[Stored items]
§ §
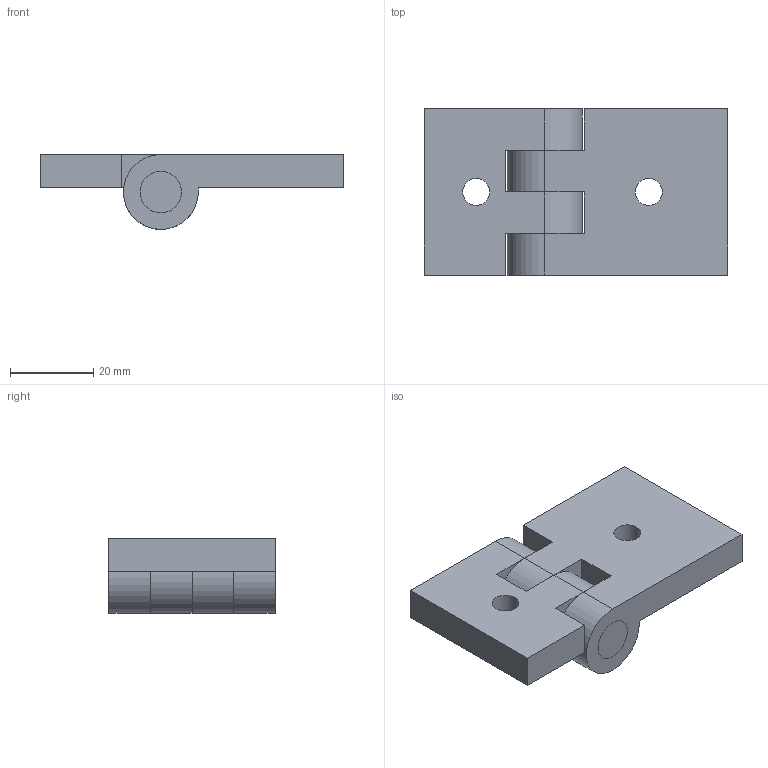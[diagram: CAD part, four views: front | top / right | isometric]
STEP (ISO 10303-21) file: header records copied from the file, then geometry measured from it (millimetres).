
FILE_DESCRIPTION((''),'2;1');
FILE_NAME('CE3045_ASM','2002-12-27T',('Lipro doo'),('Lipro d.o.o.'),'PRO/ENGINEER BY PARAMETRIC TECHNOLOGY CORPORATION, 2001150','PRO/ENGINEER BY PARAMETRIC TECHNOLOGY CORPORATION, 2001150','');
FILE_SCHEMA(('CONFIG_CONTROL_DESIGN'));
Length unit declared in the file: millimetre
Products named in the file (4): OS_FI10X40; CE30_1; CE45_1; CE3045_ASM
Assembly tree (3 placements, depth 2):
  CE3045_ASM
    OS_FI10X40
    CE30_1
    CE45_1
Bounding box: 73 x 40 x 17.99 mm (x, y, z)
Volume: 27442.5 mm3; surface area: 12673.6 mm2
Topology: 3 solids, 3 shells, 44 faces, 110 edges, 72 vertices
Faces by surface type: plane 22, cylinder 18, cone 4
Entity records: 1462 total; most frequent: DIRECTION 252, CARTESIAN_POINT 233, ORIENTED_EDGE 220, EDGE_CURVE 110, AXIS2_PLACEMENT_3D 91, VERTEX_POINT 72, VECTOR 70, LINE 70
§ §
#### [What is needed]
Each line of the data should be quoted exactly, with pictures left out.

#### [Result of the exercise]
[diagram: CAD part, four views: front | top / right | isometric]
STEP (ISO 10303-21) file: header records copied from the file, then geometry measured from it (millimetres).
FILE_DESCRIPTION((''),'2;1');
FILE_NAME('CE3045_ASM','2002-12-27T',('Lipro doo'),('Lipro d.o.o.'),'PRO/ENGINEER BY PARAMETRIC TECHNOLOGY CORPORATION, 2001150','PRO/ENGINEER BY PARAMETRIC TECHNOLOGY CORPORATION, 2001150','');
FILE_SCHEMA(('CONFIG_CONTROL_DESIGN'));
Length unit declared in the file: millimetre
Products named in the file (4): OS_FI10X40; CE30_1; CE45_1; CE3045_ASM
Assembly tree (3 placements, depth 2):
  CE3045_ASM
    OS_FI10X40
    CE30_1
    CE45_1
Bounding box: 73 x 40 x 17.99 mm (x, y, z)
Volume: 27442.5 mm3; surface area: 12673.6 mm2
Topology: 3 solids, 3 shells, 44 faces, 110 edges, 72 vertices
Faces by surface type: plane 22, cylinder 18, cone 4
Entity records: 1462 total; most frequent: DIRECTION 252, CARTESIAN_POINT 233, ORIENTED_EDGE 220, EDGE_CURVE 110, AXIS2_PLACEMENT_3D 91, VERTEX_POINT 72, VECTOR 70, LINE 70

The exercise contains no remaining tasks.